| Task prompt |
Give the lines again exactly as they appear, from the first line of the listing through the line containing "Assembly tree (23", and omit every picture.

┌──

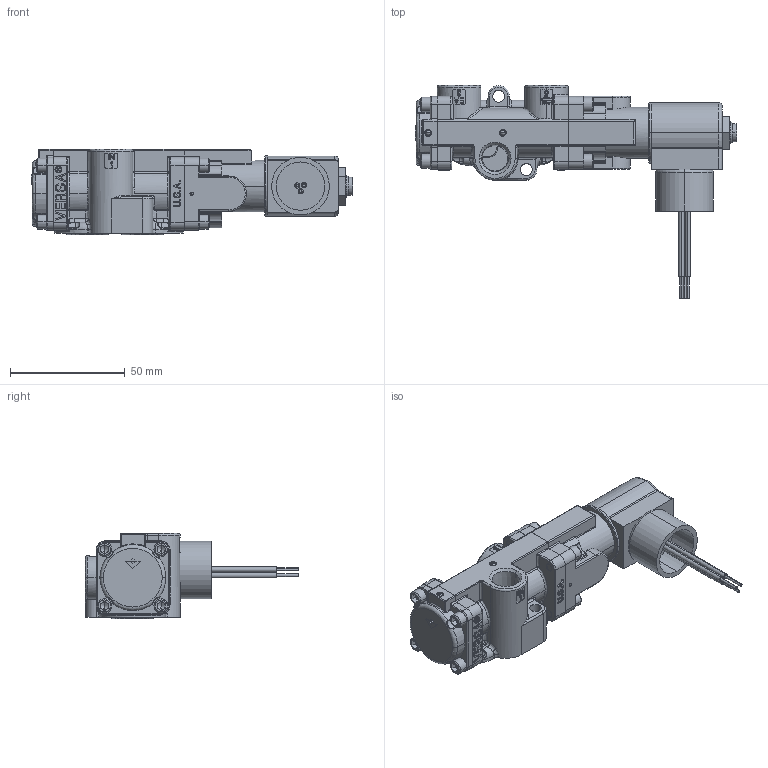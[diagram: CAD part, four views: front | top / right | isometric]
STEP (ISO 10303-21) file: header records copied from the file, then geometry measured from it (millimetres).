
FILE_DESCRIPTION (( 'STEP AP214' ), '1' );
FILE_NAME ('TVSS-X411-4N-XXX.STEP', '2025-05-08T15:03:07', ( '' ), ( '' ), 'SwSTEP 2.0', 'SolidWorks 2023', '' );
FILE_SCHEMA (( 'AUTOMOTIVE_DESIGN' ));
Length unit declared in the file: inch
Products named in the file (17): PAS-M4-12-316.1^CGS-4322-316-NE1-XN-A120_TVSS-X411-4N_0; PAS-M4-10-316.2^CGS-4322-316-NE1-XN-A120_TVSS-X411-4N_0; C-4332-101-316-NE-1-0^C-4332-101-316-NE-1_TVSS-X411-4N_0; C-4332-101-316-NE^CGS-4322-316-NE1-XN-A120_TVSS-X411-4N_0; P-1003-03-316.1^CGS-4322-316-NE1-XN-A120_TVSS-X411-4N_0; E5-3198-34-PC-VOLT^TVSS-X411-4N_0; C-4332-101-316-NE-1^TVSS-X411-4N_0; P-1000-016-155.2^CGS-4322-316-NE1-XN-A120_TVSS-X411-4N_0; CGS-4322-316-NE1-XN-A120^TVSS-X411-4N_0; P-1003-03-316^C-4332-101-316-NE_CGS-4322-316-NE1-XN-A120_TVSS-X411-4N_0; P-1000-003-155.1^CGS-4322-316-NE1-XN-A120_TVSS-X411-4N_0; P-1005-90-PC-VOLT^E5-3198-34-PC-VOLT_TVSS-X411-4N_0; P-1005-04AC^E5-3198-34-PC-VOLT_TVSS-X411-4N_0; P-1005-09^E5-3198-34-PC-VOLT_TVSS-X411-4N_0; b-3229-51-316^TVSS-X411-4N_0; C-3209-12-316^CGS-4322-316-NE1-XN-A120_TVSS-X411-4N_0; TVSS-X411-4N-XXX
Assembly tree (23 placements, depth 4):
  TVSS-X411-4N-XXX
    C-4332-101-316-NE-1^TVSS-X411-4N_0
      C-4332-101-316-NE-1-0^C-4332-101-316-NE-1_TVSS-X411-4N_0
    CGS-4322-316-NE1-XN-A120^TVSS-X411-4N_0
      C-4332-101-316-NE^CGS-4322-316-NE1-XN-A120_TVSS-X411-4N_0
        P-1003-03-316^C-4332-101-316-NE_CGS-4322-316-NE1-XN-A120_TVSS-X411-4N_0
      PAS-M4-10-316.2^CGS-4322-316-NE1-XN-A120_TVSS-X411-4N_0  x4
      PAS-M4-12-316.1^CGS-4322-316-NE1-XN-A120_TVSS-X411-4N_0  x4
      P-1000-016-155.2^CGS-4322-316-NE1-XN-A120_TVSS-X411-4N_0  x2
      P-1003-03-316.1^CGS-4322-316-NE1-XN-A120_TVSS-X411-4N_0
      P-1000-003-155.1^CGS-4322-316-NE1-XN-A120_TVSS-X411-4N_0
      C-3209-12-316^CGS-4322-316-NE1-XN-A120_TVSS-X411-4N_0
    b-3229-51-316^TVSS-X411-4N_0
    E5-3198-34-PC-VOLT^TVSS-X411-4N_0
      P-1005-04AC^E5-3198-34-PC-VOLT_TVSS-X411-4N_0
      P-1005-09^E5-3198-34-PC-VOLT_TVSS-X411-4N_0
      P-1005-90-PC-VOLT^E5-3198-34-PC-VOLT_TVSS-X411-4N_0
Bounding box: 140.06 x 92.86 x 37.16 mm (x, y, z)
Volume: 88991.8 mm3; surface area: 46321.2 mm2
Topology: 19 solids, 19 shells, 1772 faces, 4536 edges, 2831 vertices
Faces by surface type: plane 856, cylinder 424, bspline 224, cone 146, torus 114, sphere 8
Entity records: 84820 total; most frequent: CARTESIAN_POINT 46648, ORIENTED_EDGE 8286, DIRECTION 7254, EDGE_CURVE 4143, VERTEX_POINT 2625, AXIS2_PLACEMENT_3D 2564, VECTOR 2126, LINE 2126

└──

| Expected output |
[diagram: CAD part, four views: front | top / right | isometric]
STEP (ISO 10303-21) file: header records copied from the file, then geometry measured from it (millimetres).
FILE_DESCRIPTION (( 'STEP AP214' ), '1' );
FILE_NAME ('TVSS-X411-4N-XXX.STEP', '2025-05-08T15:03:07', ( '' ), ( '' ), 'SwSTEP 2.0', 'SolidWorks 2023', '' );
FILE_SCHEMA (( 'AUTOMOTIVE_DESIGN' ));
Length unit declared in the file: inch
Products named in the file (17): PAS-M4-12-316.1^CGS-4322-316-NE1-XN-A120_TVSS-X411-4N_0; PAS-M4-10-316.2^CGS-4322-316-NE1-XN-A120_TVSS-X411-4N_0; C-4332-101-316-NE-1-0^C-4332-101-316-NE-1_TVSS-X411-4N_0; C-4332-101-316-NE^CGS-4322-316-NE1-XN-A120_TVSS-X411-4N_0; P-1003-03-316.1^CGS-4322-316-NE1-XN-A120_TVSS-X411-4N_0; E5-3198-34-PC-VOLT^TVSS-X411-4N_0; C-4332-101-316-NE-1^TVSS-X411-4N_0; P-1000-016-155.2^CGS-4322-316-NE1-XN-A120_TVSS-X411-4N_0; CGS-4322-316-NE1-XN-A120^TVSS-X411-4N_0; P-1003-03-316^C-4332-101-316-NE_CGS-4322-316-NE1-XN-A120_TVSS-X411-4N_0; P-1000-003-155.1^CGS-4322-316-NE1-XN-A120_TVSS-X411-4N_0; P-1005-90-PC-VOLT^E5-3198-34-PC-VOLT_TVSS-X411-4N_0; P-1005-04AC^E5-3198-34-PC-VOLT_TVSS-X411-4N_0; P-1005-09^E5-3198-34-PC-VOLT_TVSS-X411-4N_0; b-3229-51-316^TVSS-X411-4N_0; C-3209-12-316^CGS-4322-316-NE1-XN-A120_TVSS-X411-4N_0; TVSS-X411-4N-XXX
Assembly tree (23 placements, depth 4):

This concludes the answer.